What lines of the listing include the string "vertex"? Show them all.
━━━━━ Task inputs ━━━━━
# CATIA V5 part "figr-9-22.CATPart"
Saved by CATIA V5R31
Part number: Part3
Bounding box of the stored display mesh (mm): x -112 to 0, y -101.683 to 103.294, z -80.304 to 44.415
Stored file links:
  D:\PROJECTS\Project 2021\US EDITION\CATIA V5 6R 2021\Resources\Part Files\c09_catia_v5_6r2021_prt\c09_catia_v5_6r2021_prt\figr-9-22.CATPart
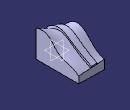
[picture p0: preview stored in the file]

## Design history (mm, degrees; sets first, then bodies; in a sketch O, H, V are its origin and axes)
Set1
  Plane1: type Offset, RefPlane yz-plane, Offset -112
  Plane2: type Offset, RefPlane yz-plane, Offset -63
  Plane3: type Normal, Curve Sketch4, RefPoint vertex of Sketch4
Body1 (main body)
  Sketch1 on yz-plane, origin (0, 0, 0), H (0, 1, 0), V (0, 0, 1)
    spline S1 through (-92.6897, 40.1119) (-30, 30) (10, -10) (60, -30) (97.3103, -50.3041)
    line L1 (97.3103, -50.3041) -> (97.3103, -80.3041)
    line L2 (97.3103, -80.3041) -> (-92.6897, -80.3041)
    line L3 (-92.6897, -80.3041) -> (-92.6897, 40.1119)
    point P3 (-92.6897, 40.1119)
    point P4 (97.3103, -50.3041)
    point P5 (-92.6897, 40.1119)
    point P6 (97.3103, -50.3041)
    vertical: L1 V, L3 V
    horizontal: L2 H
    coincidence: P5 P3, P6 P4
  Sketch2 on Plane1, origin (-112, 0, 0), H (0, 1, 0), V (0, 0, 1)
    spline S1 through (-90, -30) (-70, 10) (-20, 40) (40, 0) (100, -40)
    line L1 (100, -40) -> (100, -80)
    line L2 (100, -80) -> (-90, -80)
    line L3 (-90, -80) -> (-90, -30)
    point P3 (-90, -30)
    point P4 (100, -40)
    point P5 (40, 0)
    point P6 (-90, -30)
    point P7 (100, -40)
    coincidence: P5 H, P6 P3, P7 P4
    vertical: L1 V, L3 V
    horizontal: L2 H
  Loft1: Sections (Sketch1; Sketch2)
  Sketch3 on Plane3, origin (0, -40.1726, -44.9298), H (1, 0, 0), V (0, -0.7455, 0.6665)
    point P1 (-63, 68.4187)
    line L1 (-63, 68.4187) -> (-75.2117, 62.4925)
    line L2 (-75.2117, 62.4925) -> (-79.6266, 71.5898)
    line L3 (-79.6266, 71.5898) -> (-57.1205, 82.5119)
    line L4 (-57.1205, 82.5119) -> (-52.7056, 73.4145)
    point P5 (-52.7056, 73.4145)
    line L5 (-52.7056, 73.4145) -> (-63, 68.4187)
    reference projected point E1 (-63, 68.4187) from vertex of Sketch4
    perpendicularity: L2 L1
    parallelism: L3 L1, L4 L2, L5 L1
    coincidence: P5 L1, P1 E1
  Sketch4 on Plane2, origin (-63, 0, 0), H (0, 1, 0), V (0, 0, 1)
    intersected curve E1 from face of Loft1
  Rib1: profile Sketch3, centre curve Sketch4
━━━━━
- **Reply**
  Plane3: type Normal, Curve Sketch4, RefPoint vertex of Sketch4
    reference projected point E1 (-63, 68.4187) from vertex of Sketch4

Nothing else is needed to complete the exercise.